--- Dataset records Enclosed Below ---

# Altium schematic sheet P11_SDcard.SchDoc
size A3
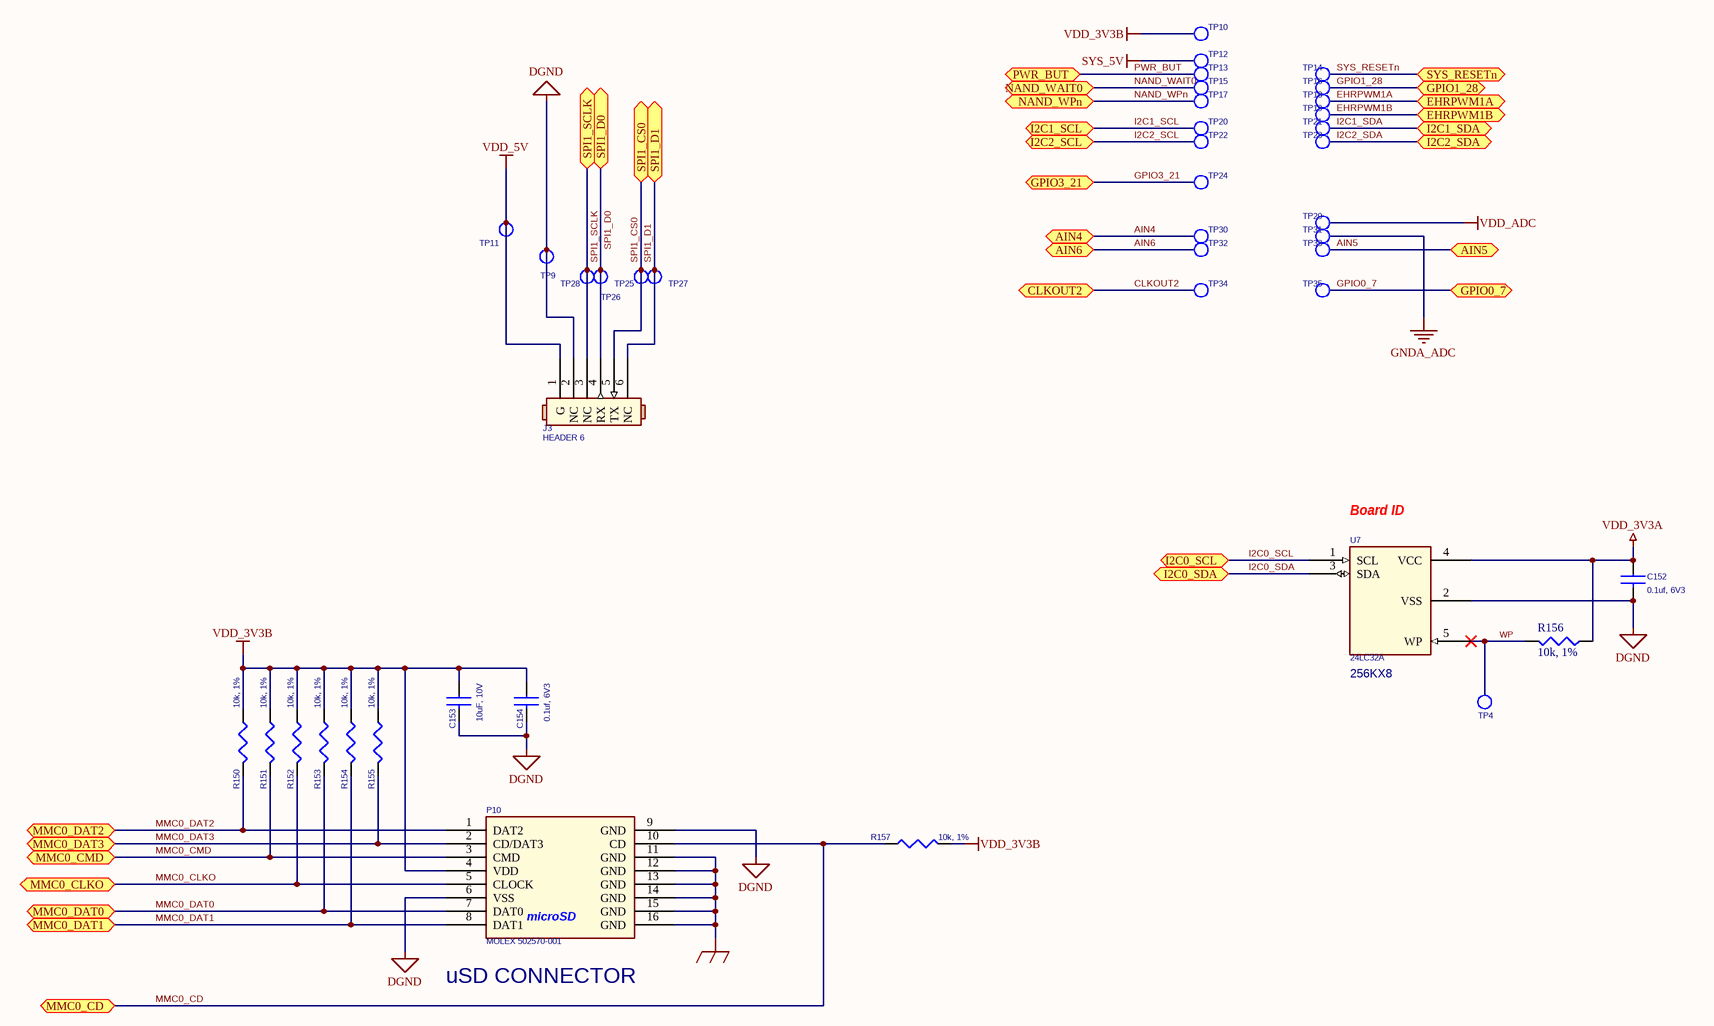
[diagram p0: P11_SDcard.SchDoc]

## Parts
C152  0.1uf, 6V3  [402]
C153  10uF, 10V  [805]
C154  0.1uf, 6V3  [402]
J3  HEADER 6  [SIP6]
P10  MOLEX 502570-001  [SD-MICRO-SCHA5B0300]
R150  10k, 1%  [R0402]
R151  10k, 1%  [R0402]
R152  10k, 1%  [R0402]
R153  10k, 1%  [R0402]
R154  10k, 1%  [R0402]
R155  10k, 1%  [R0402]
R156  10k, 1%  [R0402]
R157  10k, 1%  [R0402]
TP4  TESTPT1  [tp1-8040]  (value not drawn)  (no BOM)
TP9  TESTPT1  [tp1-8040]  (value not drawn)  (no BOM)
TP10  TESTPT1  [tp1-8040]  (value not drawn)  (no BOM)
TP11  TESTPT1  [tp1-8040]  (value not drawn)  (no BOM)
TP12  TESTPT1  [tp1-8040]  (value not drawn)  (no BOM)
TP13  TESTPT1  [tp1-8040]  (value not drawn)  (no BOM)
TP14  TESTPT1  [tp1-8040]  (value not drawn)  (no BOM)
TP15  TESTPT1  [tp1-8040]  (value not drawn)  (no BOM)
TP16  TESTPT1  [tp1-8040]  (value not drawn)  (no BOM)
TP17  TESTPT1  [tp1-8040]  (value not drawn)  (no BOM)
TP18  TESTPT1  [tp1-8040]  (value not drawn)  (no BOM)
TP19  TESTPT1  [tp1-8040]  (value not drawn)  (no BOM)
TP20  TESTPT1  [tp1-8040]  (value not drawn)  (no BOM)
TP21  TESTPT1  [tp1-8040]  (value not drawn)  (no BOM)
TP22  TESTPT1  [tp1-8040]  (value not drawn)  (no BOM)
TP23  TESTPT1  [tp1-8040]  (value not drawn)  (no BOM)
TP24  TESTPT1  [tp1-8040]  (value not drawn)  (no BOM)
TP25  TESTPT1  [tp1-8040]  (value not drawn)  (no BOM)
TP26  TESTPT1  [tp1-8040]  (value not drawn)  (no BOM)
TP27  TESTPT1  [tp1-8040]  (value not drawn)  (no BOM)
TP28  TESTPT1  [tp1-8040]  (value not drawn)  (no BOM)
TP29  TESTPT1  [tp1-8040]  (value not drawn)  (no BOM)
TP30  TESTPT1  [tp1-8040]  (value not drawn)  (no BOM)
TP31  TESTPT1  [tp1-8040]  (value not drawn)  (no BOM)
TP32  TESTPT1  [tp1-8040]  (value not drawn)  (no BOM)
TP33  TESTPT1  [tp1-8040]  (value not drawn)  (no BOM)
TP34  TESTPT1  [tp1-8040]  (value not drawn)  (no BOM)
TP35  TESTPT1  [tp1-8040]  (value not drawn)  (no BOM)
U7  24LC32A  [SOT23-5/24LC32AT-I /SOT-23-5]

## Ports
AIN4, AIN5, AIN6, CLKOUT2, EHRPWM1A, EHRPWM1B, GPIO0_7, GPIO1_28, GPIO3_21, I2C0_SCL, I2C0_SDA, I2C1_SCL, I2C1_SDA, I2C2_SCL, I2C2_SDA, MMC0_CD, MMC0_CLKO, MMC0_CMD, MMC0_DAT0, MMC0_DAT1, MMC0_DAT2, MMC0_DAT3, NAND_WAIT0, NAND_WPn, PWR_BUT, SPI1_CS0, SPI1_D0, SPI1_D1, SPI1_SCLK, SYS_RESETn

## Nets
DGND: C152.2 C153.2 C154.2 J3.2(NC) P10.6(VSS) P10.9(GND) TP9.1(TP) U7.2(VSS)
GND_EARTH: P10.11(GND) P10.12(GND) P10.13(GND) P10.14(GND) P10.15(GND) P10.16(GND)
GNDA_ADC: TP31.1(TP)
SYS_5V: TP12.1(TP)
VDD_3V3A: C152.1 R156.1 U7.4(VCC)
VDD_3V3B: C153.1 C154.1 P10.4(VDD) R150.1 R151.1 R152.1 R153.1 R154.1 R155.1 R157.2 TP10.1(TP)
VDD_5V: J3.1(G) TP11.1(TP)
VDD_ADC: TP29.1(TP)
AIN4: TP30.1(TP) ; port AIN4
AIN5: TP33.1(TP) ; port AIN5
AIN6: TP32.1(TP) ; port AIN6
CLKOUT2: TP34.1(TP) ; port CLKOUT2
EHRPWM1A: TP18.1(TP) ; port EHRPWM1A
EHRPWM1B: TP19.1(TP) ; port EHRPWM1B
GPIO0_7: TP35.1(TP) ; port GPIO0_7
GPIO1_28: TP16.1(TP) ; port GPIO1_28
GPIO3_21: TP24.1(TP) ; port GPIO3_21
I2C0_SCL: U7.1(SCL) ; port I2C0_SCL
I2C0_SDA: U7.3(SDA) ; port I2C0_SDA
I2C1_SCL: TP20.1(TP) ; port I2C1_SCL
I2C1_SDA: TP21.1(TP) ; port I2C1_SDA
I2C2_SCL: TP22.1(TP) ; port I2C2_SCL
I2C2_SDA: TP23.1(TP) ; port I2C2_SDA
MMC0_CD: P10.10(CD) R157.1 ; port MMC0_CD
MMC0_CLKO: P10.5(CLOCK) R152.2 ; port MMC0_CLKO
MMC0_CMD: P10.3(CMD) R151.2 ; port MMC0_CMD
MMC0_DAT0: P10.7(DAT0) R153.2 ; port MMC0_DAT0
MMC0_DAT1: P10.8(DAT1) R154.2 ; port MMC0_DAT1
MMC0_DAT2: P10.1(DAT2) R150.2 ; port MMC0_DAT2
MMC0_DAT3: P10.2(CD/DAT3) R155.2 ; port MMC0_DAT3
NAND_WAIT0: TP15.1(TP) ; port NAND_WAIT0
NAND_WPn: TP17.1(TP) ; port NAND_WPn
PWR_BUT: TP13.1(TP) ; port PWR_BUT
SPI1_CS0: J3.5(TX) TP25.1(TP) ; port SPI1_CS0
SPI1_D0: J3.4(RX) TP26.1(TP) ; port SPI1_D0
SPI1_D1: J3.6(NC) TP27.1(TP) ; port SPI1_D1
SPI1_SCLK: J3.3(NC) TP28.1(TP) ; port SPI1_SCLK
SYS_RESETn: TP14.1(TP) ; port SYS_RESETn
WP: R156.2 TP4.1(TP) U7.5(WP)

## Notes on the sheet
- (near U7) Board ID
- (near U7) 256KX8
- (near P10) uSD CONNECTOR

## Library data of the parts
C152 C154 = CAP_0.1uF_X7R_16V_10% 0402: CAP CER 0.1UF 6.3V 10% X5R 0402; Manufacturer: TDK Corporation; Manufacturer Part Number: C1005X5R0J104K050BA; Capacitance: 0.1µF; Tolerance: ?0%
C153 = CAP_10uF_Y5V_10V_10%_0805: CAP CER 10UF 10V Y5V 0805; Manufacturer: TDK Corporation; Manufacturer Part Number: C2012Y5V1A106Z; Capacitance: 10µF; Temperature Coefficient: Y5V (F); Tolerance: -20%, +80%
J3 = HDR_6x1: CONN HEADER 6POS, VERTICAL,  .100 STR TIN; Manufacturer: Samtec Inc; Manufacturer Part Number: FTR-110-03-G-D-06; Connector Type: Unshrouded; Number of Positions: 20; Number of Positions Loaded: 19; Pitch: 0.050" (1.27mm); Row Spacing: 0.100" (2.54mm)
P10 = microSD_CONN_2: CONN MICRO SD R/A PUSH-PUSH SMD; Manufacturer: Molex Inc; Manufacturer Part Number: 5025700893; Card Type: Secure Digital - microSD?TransFlash; Number of Positions: 10 (8 + 2); Connector Type: Connector and Ejector; Insertion, Removal Method: Push In, Push Out
R150-R157 = RES_10K_1/16W_1%_0402: RES 10K OHM 1/16W 5% 0402 SMD; Manufacturer: Rohm Semiconductor; Manufacturer Part Number: MCR01MZPJ103; Power (Watts): 0.063W, 1/16W; Temperature Coefficient: ?00ppm/°C; Tolerance: ?%
U7 = 24LC32A: IC EEPROM 32KBIT 400KHZ SOT23-5; Manufacturer: Microchip Technology; Manufacturer Part Number: 24LC32AT-I/OT; Format - Memory: EEPROMs - Serial; Memory Size: 32K (4K x 8); Interface: I²C, 2-Wire Serial; Voltage - Supply: 2.5 V ~ 5.5 V

--- End of Enclosed Dataset records ---

● What this task involves: Please reproduce, exactly as they appear above, the lines from the line containing "SYS_5V: TP12.1(TP)" up to and including the line containing "MMC0_DAT1: P10.8(DAT1) R154.2".

● Solution to this task:
SYS_5V: TP12.1(TP)
VDD_3V3A: C152.1 R156.1 U7.4(VCC)
VDD_3V3B: C153.1 C154.1 P10.4(VDD) R150.1 R151.1 R152.1 R153.1 R154.1 R155.1 R157.2 TP10.1(TP)
VDD_5V: J3.1(G) TP11.1(TP)
VDD_ADC: TP29.1(TP)
AIN4: TP30.1(TP) ; port AIN4
AIN5: TP33.1(TP) ; port AIN5
AIN6: TP32.1(TP) ; port AIN6
CLKOUT2: TP34.1(TP) ; port CLKOUT2
EHRPWM1A: TP18.1(TP) ; port EHRPWM1A
EHRPWM1B: TP19.1(TP) ; port EHRPWM1B
GPIO0_7: TP35.1(TP) ; port GPIO0_7
GPIO1_28: TP16.1(TP) ; port GPIO1_28
GPIO3_21: TP24.1(TP) ; port GPIO3_21
I2C0_SCL: U7.1(SCL) ; port I2C0_SCL
I2C0_SDA: U7.3(SDA) ; port I2C0_SDA
I2C1_SCL: TP20.1(TP) ; port I2C1_SCL
I2C1_SDA: TP21.1(TP) ; port I2C1_SDA
I2C2_SCL: TP22.1(TP) ; port I2C2_SCL
I2C2_SDA: TP23.1(TP) ; port I2C2_SDA
MMC0_CD: P10.10(CD) R157.1 ; port MMC0_CD
MMC0_CLKO: P10.5(CLOCK) R152.2 ; port MMC0_CLKO
MMC0_CMD: P10.3(CMD) R151.2 ; port MMC0_CMD
MMC0_DAT0: P10.7(DAT0) R153.2 ; port MMC0_DAT0
MMC0_DAT1: P10.8(DAT1) R154.2 ; port MMC0_DAT1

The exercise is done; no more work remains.